▸ EXERCISE INSTRUCTIONS
Print each of the entries exactly, leaving nothing out.

Recorded data:
============

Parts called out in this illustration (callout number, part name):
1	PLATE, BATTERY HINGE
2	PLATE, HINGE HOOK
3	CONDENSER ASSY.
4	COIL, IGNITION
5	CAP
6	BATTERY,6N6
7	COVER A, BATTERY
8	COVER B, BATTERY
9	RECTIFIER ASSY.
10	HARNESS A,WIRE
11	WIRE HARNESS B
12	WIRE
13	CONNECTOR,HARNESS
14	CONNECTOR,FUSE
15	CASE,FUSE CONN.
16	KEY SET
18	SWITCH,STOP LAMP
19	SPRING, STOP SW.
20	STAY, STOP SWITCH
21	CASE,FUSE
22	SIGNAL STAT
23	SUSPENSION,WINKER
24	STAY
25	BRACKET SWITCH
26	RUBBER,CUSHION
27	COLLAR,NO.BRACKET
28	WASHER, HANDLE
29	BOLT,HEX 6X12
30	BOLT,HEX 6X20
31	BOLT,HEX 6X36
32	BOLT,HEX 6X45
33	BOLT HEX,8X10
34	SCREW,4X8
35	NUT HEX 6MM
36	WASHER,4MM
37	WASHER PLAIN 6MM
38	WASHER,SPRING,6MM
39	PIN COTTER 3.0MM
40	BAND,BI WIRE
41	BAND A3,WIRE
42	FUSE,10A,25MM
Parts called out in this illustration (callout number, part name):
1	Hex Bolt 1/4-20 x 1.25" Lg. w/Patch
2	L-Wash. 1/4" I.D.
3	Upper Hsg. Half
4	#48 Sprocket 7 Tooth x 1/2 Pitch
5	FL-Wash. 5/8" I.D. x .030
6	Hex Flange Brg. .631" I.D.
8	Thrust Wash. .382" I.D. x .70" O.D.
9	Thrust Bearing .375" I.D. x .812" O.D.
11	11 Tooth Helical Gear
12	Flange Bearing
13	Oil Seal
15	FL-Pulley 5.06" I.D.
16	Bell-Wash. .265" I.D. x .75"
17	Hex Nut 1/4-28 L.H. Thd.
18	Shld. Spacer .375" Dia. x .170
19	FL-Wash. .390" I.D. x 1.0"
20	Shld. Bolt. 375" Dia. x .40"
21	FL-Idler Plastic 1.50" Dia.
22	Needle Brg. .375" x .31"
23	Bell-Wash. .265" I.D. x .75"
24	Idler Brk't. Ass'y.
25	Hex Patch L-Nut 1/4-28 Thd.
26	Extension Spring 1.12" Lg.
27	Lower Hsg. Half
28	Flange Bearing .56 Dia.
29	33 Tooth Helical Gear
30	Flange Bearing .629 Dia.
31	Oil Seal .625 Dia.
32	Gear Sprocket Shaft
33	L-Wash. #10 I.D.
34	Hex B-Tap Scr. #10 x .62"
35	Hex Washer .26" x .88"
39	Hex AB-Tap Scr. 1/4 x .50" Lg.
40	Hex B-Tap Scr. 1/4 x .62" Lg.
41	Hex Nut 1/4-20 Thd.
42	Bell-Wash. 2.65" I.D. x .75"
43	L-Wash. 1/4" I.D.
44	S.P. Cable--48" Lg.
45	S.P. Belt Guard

============

▸ COMPLETED TASK
Parts called out in this illustration (callout number, part name):
1	PLATE, BATTERY HINGE
2	PLATE, HINGE HOOK
3	CONDENSER ASSY.
4	COIL, IGNITION
5	CAP
6	BATTERY,6N6
7	COVER A, BATTERY
8	COVER B, BATTERY
9	RECTIFIER ASSY.
10	HARNESS A,WIRE
11	WIRE HARNESS B
12	WIRE
13	CONNECTOR,HARNESS
14	CONNECTOR,FUSE
15	CASE,FUSE CONN.
16	KEY SET
18	SWITCH,STOP LAMP
19	SPRING, STOP SW.
20	STAY, STOP SWITCH
21	CASE,FUSE
22	SIGNAL STAT
23	SUSPENSION,WINKER
24	STAY
25	BRACKET SWITCH
26	RUBBER,CUSHION
27	COLLAR,NO.BRACKET
28	WASHER, HANDLE
29	BOLT,HEX 6X12
30	BOLT,HEX 6X20
31	BOLT,HEX 6X36
32	BOLT,HEX 6X45
33	BOLT HEX,8X10
34	SCREW,4X8
35	NUT HEX 6MM
36	WASHER,4MM
37	WASHER PLAIN 6MM
38	WASHER,SPRING,6MM
39	PIN COTTER 3.0MM
40	BAND,BI WIRE
41	BAND A3,WIRE
42	FUSE,10A,25MM
Parts called out in this illustration (callout number, part name):
1	Hex Bolt 1/4-20 x 1.25" Lg. w/Patch
2	L-Wash. 1/4" I.D.
3	Upper Hsg. Half
4	#48 Sprocket 7 Tooth x 1/2 Pitch
5	FL-Wash. 5/8" I.D. x .030
6	Hex Flange Brg. .631" I.D.
8	Thrust Wash. .382" I.D. x .70" O.D.
9	Thrust Bearing .375" I.D. x .812" O.D.
11	11 Tooth Helical Gear
12	Flange Bearing
13	Oil Seal
15	FL-Pulley 5.06" I.D.
16	Bell-Wash. .265" I.D. x .75"
17	Hex Nut 1/4-28 L.H. Thd.
18	Shld. Spacer .375" Dia. x .170
19	FL-Wash. .390" I.D. x 1.0"
20	Shld. Bolt. 375" Dia. x .40"
21	FL-Idler Plastic 1.50" Dia.
22	Needle Brg. .375" x .31"
23	Bell-Wash. .265" I.D. x .75"
24	Idler Brk't. Ass'y.
25	Hex Patch L-Nut 1/4-28 Thd.
26	Extension Spring 1.12" Lg.
27	Lower Hsg. Half
28	Flange Bearing .56 Dia.
29	33 Tooth Helical Gear
30	Flange Bearing .629 Dia.
31	Oil Seal .625 Dia.
32	Gear Sprocket Shaft
33	L-Wash. #10 I.D.
34	Hex B-Tap Scr. #10 x .62"
35	Hex Washer .26" x .88"
39	Hex AB-Tap Scr. 1/4 x .50" Lg.
40	Hex B-Tap Scr. 1/4 x .62" Lg.
41	Hex Nut 1/4-20 Thd.
42	Bell-Wash. 2.65" I.D. x .75"
43	L-Wash. 1/4" I.D.
44	S.P. Cable--48" Lg.
45	S.P. Belt Guard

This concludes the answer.